→ INPUT FOR THIS TASK:
---------------
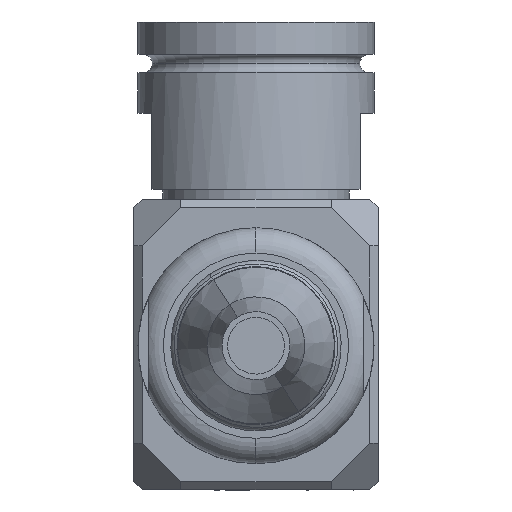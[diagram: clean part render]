
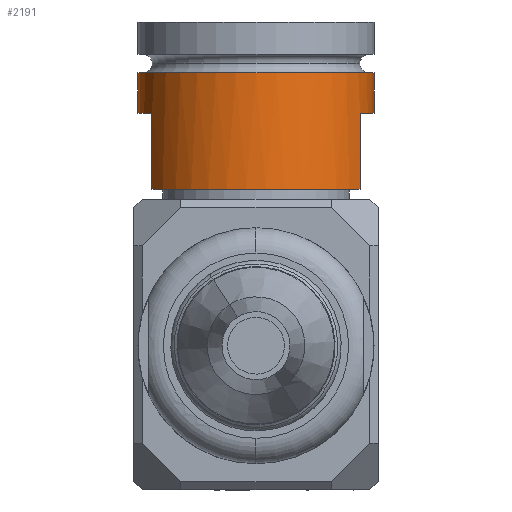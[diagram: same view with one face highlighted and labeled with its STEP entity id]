
A CAD part, front view. The second image highlights one B-rep face of the part: STEP entity #2191.
In plain terms, the highlighted cylindrical face has radius 14.77 mm (diameter 29.54 mm), a partial arc.
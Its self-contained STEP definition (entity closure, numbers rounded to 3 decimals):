
#228 = VECTOR ( 'NONE', #2886, 1000. ) ;
#287 = ORIENTED_EDGE ( 'NONE', *, *, #7144, .F. ) ;
#574 = CIRCLE ( 'NONE', #1686, 14.77 ) ;
#610 = AXIS2_PLACEMENT_3D ( 'NONE', #9788, #2903, #8858 ) ;
#701 = VERTEX_POINT ( 'NONE', #3369 ) ;
#855 = VERTEX_POINT ( 'NONE', #2719 ) ;
#1183 = ORIENTED_EDGE ( 'NONE', *, *, #4502, .T. ) ;
#1240 = ORIENTED_EDGE ( 'NONE', *, *, #4015, .F. ) ;
#1679 = VECTOR ( 'NONE', #2974, 1000. ) ;
#1686 = AXIS2_PLACEMENT_3D ( 'NONE', #3771, #9606, #5208 ) ;
#1749 = VERTEX_POINT ( 'NONE', #5133 ) ;
#2141 = ORIENTED_EDGE ( 'NONE', *, *, #9587, .T. ) ;
#2191 = ADVANCED_FACE ( 'NONE', ( #9208 ), #5255, .T. ) ;
#2228 = LINE ( 'NONE', #2919, #4032 ) ;
#2243 = ORIENTED_EDGE ( 'NONE', *, *, #8181, .F. ) ;
#2442 = VECTOR ( 'NONE', #8895, 1000. ) ;
#2467 = AXIS2_PLACEMENT_3D ( 'NONE', #2667, #9298, #2564 ) ;
#2494 = CARTESIAN_POINT ( 'NONE',  ( 13.017, -6.979, -2.972 ) ) ;
#2564 = DIRECTION ( 'NONE',  ( 1., 0., 0. ) ) ;
#2667 = CARTESIAN_POINT ( 'NONE',  ( 0., 0., -2.972 ) ) ;
#2719 = CARTESIAN_POINT ( 'NONE',  ( 14.77, 0., 2.108 ) ) ;
#2868 = ORIENTED_EDGE ( 'NONE', *, *, #9513, .F. ) ;
#2886 = DIRECTION ( 'NONE',  ( 0., 0., -1. ) ) ;
#2903 = DIRECTION ( 'NONE',  ( 0., 0., -1. ) ) ;
#2919 = CARTESIAN_POINT ( 'NONE',  ( 13.017, -6.979, -2.972 ) ) ;
#2957 = VERTEX_POINT ( 'NONE', #6554 ) ;
#2974 = DIRECTION ( 'NONE',  ( 0., 0., -1. ) ) ;
#3369 = CARTESIAN_POINT ( 'NONE',  ( 13.017, -6.979, -12.497 ) ) ;
#3719 = EDGE_CURVE ( 'NONE', #9844, #701, #2228, .T. ) ;
#3771 = CARTESIAN_POINT ( 'NONE',  ( 0., 0., -12.497 ) ) ;
#3789 = AXIS2_PLACEMENT_3D ( 'NONE', #7454, #8288, #4452 ) ;
#3805 = EDGE_LOOP ( 'NONE', ( #2141, #5223, #2868, #1183, #2243, #5988, #287, #1240 ) ) ;
#3854 = AXIS2_PLACEMENT_3D ( 'NONE', #8500, #4562, #4710 ) ;
#4015 = EDGE_CURVE ( 'NONE', #855, #1749, #4401, .T. ) ;
#4032 = VECTOR ( 'NONE', #7370, 1000. ) ;
#4401 = LINE ( 'NONE', #7444, #2442 ) ;
#4452 = DIRECTION ( 'NONE',  ( -1., 0., 0. ) ) ;
#4502 = EDGE_CURVE ( 'NONE', #9464, #6528, #6123, .T. ) ;
#4562 = DIRECTION ( 'NONE',  ( 0., 0., -1. ) ) ;
#4710 = DIRECTION ( 'NONE',  ( 1., 0., 0. ) ) ;
#5005 = CIRCLE ( 'NONE', #2467, 14.77 ) ;
#5133 = CARTESIAN_POINT ( 'NONE',  ( 14.77, 0., -2.972 ) ) ;
#5208 = DIRECTION ( 'NONE',  ( 1., 0., 0. ) ) ;
#5223 = ORIENTED_EDGE ( 'NONE', *, *, #5371, .T. ) ;
#5255 = CYLINDRICAL_SURFACE ( 'NONE', #3854, 14.77 ) ;
#5371 = EDGE_CURVE ( 'NONE', #8871, #2957, #8263, .T. ) ;
#5988 = ORIENTED_EDGE ( 'NONE', *, *, #3719, .F. ) ;
#6123 = LINE ( 'NONE', #7583, #228 ) ;
#6528 = VERTEX_POINT ( 'NONE', #9086 ) ;
#6554 = CARTESIAN_POINT ( 'NONE',  ( -14.77, 0., -2.972 ) ) ;
#7144 = EDGE_CURVE ( 'NONE', #1749, #9844, #5005, .T. ) ;
#7370 = DIRECTION ( 'NONE',  ( 0., 0., -1. ) ) ;
#7444 = CARTESIAN_POINT ( 'NONE',  ( 14.77, 0., 8.458 ) ) ;
#7454 = CARTESIAN_POINT ( 'NONE',  ( 0., 0., -2.972 ) ) ;
#7583 = CARTESIAN_POINT ( 'NONE',  ( -13.018, -6.979, -2.972 ) ) ;
#7753 = CARTESIAN_POINT ( 'NONE',  ( -14.77, 0., 2.108 ) ) ;
#7778 = CIRCLE ( 'NONE', #610, 14.77 ) ;
#8181 = EDGE_CURVE ( 'NONE', #701, #6528, #574, .T. ) ;
#8263 = LINE ( 'NONE', #8366, #1679 ) ;
#8288 = DIRECTION ( 'NONE',  ( 0., 0., -1. ) ) ;
#8366 = CARTESIAN_POINT ( 'NONE',  ( -14.77, 0., 8.458 ) ) ;
#8500 = CARTESIAN_POINT ( 'NONE',  ( 0., 0., 8.458 ) ) ;
#8858 = DIRECTION ( 'NONE',  ( 1., 0., 0. ) ) ;
#8859 = CARTESIAN_POINT ( 'NONE',  ( -13.018, -6.979, -2.972 ) ) ;
#8871 = VERTEX_POINT ( 'NONE', #7753 ) ;
#8895 = DIRECTION ( 'NONE',  ( 0., 0., -1. ) ) ;
#9086 = CARTESIAN_POINT ( 'NONE',  ( -13.018, -6.979, -12.497 ) ) ;
#9208 = FACE_OUTER_BOUND ( 'NONE', #3805, .T. ) ;
#9298 = DIRECTION ( 'NONE',  ( 0., 0., -1. ) ) ;
#9464 = VERTEX_POINT ( 'NONE', #8859 ) ;
#9513 = EDGE_CURVE ( 'NONE', #9464, #2957, #9531, .T. ) ;
#9531 = CIRCLE ( 'NONE', #3789, 14.77 ) ;
#9587 = EDGE_CURVE ( 'NONE', #855, #8871, #7778, .T. ) ;
#9606 = DIRECTION ( 'NONE',  ( 0., 0., -1. ) ) ;
#9788 = CARTESIAN_POINT ( 'NONE',  ( 0., 0., 2.108 ) ) ;
#9844 = VERTEX_POINT ( 'NONE', #2494 ) ;
---------------
→ WHAT IS REQUIRED: Starting with the first line of the data above, write out each line exactly up to and including the line that holds "#2903 = DIRECTION". Pictures stay out.

→ ANSWER FOR THE TASK:
[diagram: clean part render]
[diagram: same view with one face highlighted and labeled with its STEP entity id]
A CAD part, front view. The second image highlights one B-rep face of the part: STEP entity #2191.
In plain terms, the highlighted cylindrical face has radius 14.77 mm (diameter 29.54 mm), a partial arc.
Its self-contained STEP definition (entity closure, numbers rounded to 3 decimals):
#228 = VECTOR ( 'NONE', #2886, 1000. ) ;
#287 = ORIENTED_EDGE ( 'NONE', *, *, #7144, .F. ) ;
#574 = CIRCLE ( 'NONE', #1686, 14.77 ) ;
#610 = AXIS2_PLACEMENT_3D ( 'NONE', #9788, #2903, #8858 ) ;
#701 = VERTEX_POINT ( 'NONE', #3369 ) ;
#855 = VERTEX_POINT ( 'NONE', #2719 ) ;
#1183 = ORIENTED_EDGE ( 'NONE', *, *, #4502, .T. ) ;
#1240 = ORIENTED_EDGE ( 'NONE', *, *, #4015, .F. ) ;
#1679 = VECTOR ( 'NONE', #2974, 1000. ) ;
#1686 = AXIS2_PLACEMENT_3D ( 'NONE', #3771, #9606, #5208 ) ;
#1749 = VERTEX_POINT ( 'NONE', #5133 ) ;
#2141 = ORIENTED_EDGE ( 'NONE', *, *, #9587, .T. ) ;
#2191 = ADVANCED_FACE ( 'NONE', ( #9208 ), #5255, .T. ) ;
#2228 = LINE ( 'NONE', #2919, #4032 ) ;
#2243 = ORIENTED_EDGE ( 'NONE', *, *, #8181, .F. ) ;
#2442 = VECTOR ( 'NONE', #8895, 1000. ) ;
#2467 = AXIS2_PLACEMENT_3D ( 'NONE', #2667, #9298, #2564 ) ;
#2494 = CARTESIAN_POINT ( 'NONE',  ( 13.017, -6.979, -2.972 ) ) ;
#2564 = DIRECTION ( 'NONE',  ( 1., 0., 0. ) ) ;
#2667 = CARTESIAN_POINT ( 'NONE',  ( 0., 0., -2.972 ) ) ;
#2719 = CARTESIAN_POINT ( 'NONE',  ( 14.77, 0., 2.108 ) ) ;
#2868 = ORIENTED_EDGE ( 'NONE', *, *, #9513, .F. ) ;
#2886 = DIRECTION ( 'NONE',  ( 0., 0., -1. ) ) ;
#2903 = DIRECTION ( 'NONE',  ( 0., 0., -1. ) ) ;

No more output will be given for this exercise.